Information:
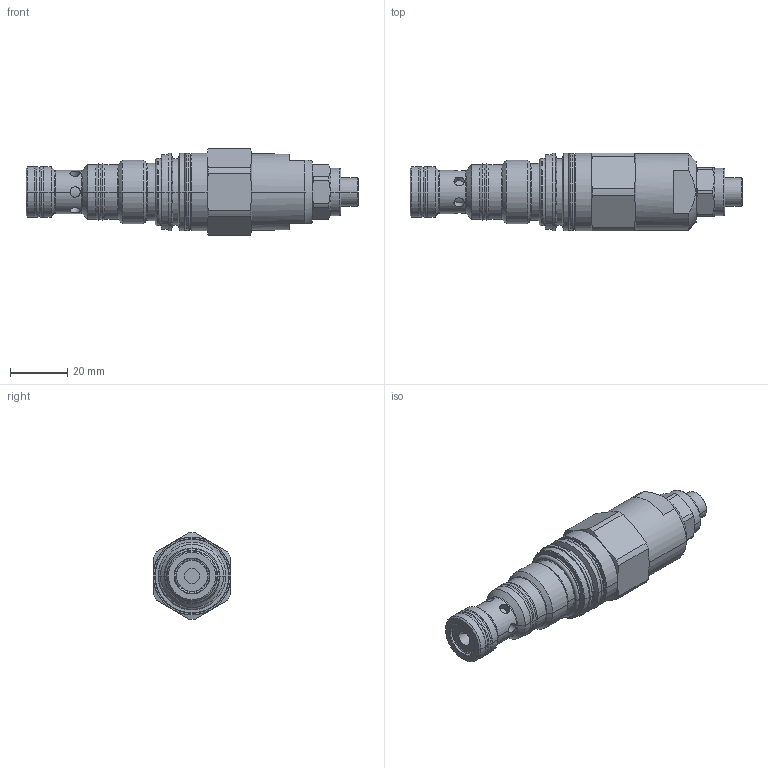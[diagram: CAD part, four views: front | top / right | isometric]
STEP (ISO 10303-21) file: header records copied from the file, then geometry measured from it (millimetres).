
FILE_DESCRIPTION((''),'2;1');
FILE_NAME('SOB5A-BPY3_SIMPLE','2019-02-27T',('l.soukupova'),(''),'PRO/ENGINEER BY PARAMETRIC TECHNOLOGY CORPORATION, 2015440','PRO/ENGINEER BY PARAMETRIC TECHNOLOGY CORPORATION, 2015440','');
FILE_SCHEMA(('AUTOMOTIVE_DESIGN { 1 0 10303 214 1 1 1 1 }'));
Length unit declared in the file: millimetre
Products named in the file (1): SOB5A-BPY3_SIMPLE
Bounding box: 115.5 x 27.08 x 29.99 mm (x, y, z)
Volume: 44327.5 mm3; surface area: 10592.1 mm2
Topology: 1 solids, 1 shells, 219 faces, 487 edges, 294 vertices
Faces by surface type: cylinder 89, cone 56, plane 45, torus 29
Entity records: 9345 total; most frequent: CARTESIAN_POINT 2964, DIRECTION 1068, ORIENTED_EDGE 968, PRESENTATION_STYLE_ASSIGNMENT 489, STYLED_ITEM 489, CURVE_STYLE 488, EDGE_CURVE 484, AXIS2_PLACEMENT_3D 449

Activity: Omit every picture, then repeat the remaining data exactly as it appears above.

Solution to this task:
[diagram: CAD part, four views: front | top / right | isometric]
STEP (ISO 10303-21) file: header records copied from the file, then geometry measured from it (millimetres).
FILE_DESCRIPTION((''),'2;1');
FILE_NAME('SOB5A-BPY3_SIMPLE','2019-02-27T',('l.soukupova'),(''),'PRO/ENGINEER BY PARAMETRIC TECHNOLOGY CORPORATION, 2015440','PRO/ENGINEER BY PARAMETRIC TECHNOLOGY CORPORATION, 2015440','');
FILE_SCHEMA(('AUTOMOTIVE_DESIGN { 1 0 10303 214 1 1 1 1 }'));
Length unit declared in the file: millimetre
Products named in the file (1): SOB5A-BPY3_SIMPLE
Bounding box: 115.5 x 27.08 x 29.99 mm (x, y, z)
Volume: 44327.5 mm3; surface area: 10592.1 mm2
Topology: 1 solids, 1 shells, 219 faces, 487 edges, 294 vertices
Faces by surface type: cylinder 89, cone 56, plane 45, torus 29
Entity records: 9345 total; most frequent: CARTESIAN_POINT 2964, DIRECTION 1068, ORIENTED_EDGE 968, PRESENTATION_STYLE_ASSIGNMENT 489, STYLED_ITEM 489, CURVE_STYLE 488, EDGE_CURVE 484, AXIS2_PLACEMENT_3D 449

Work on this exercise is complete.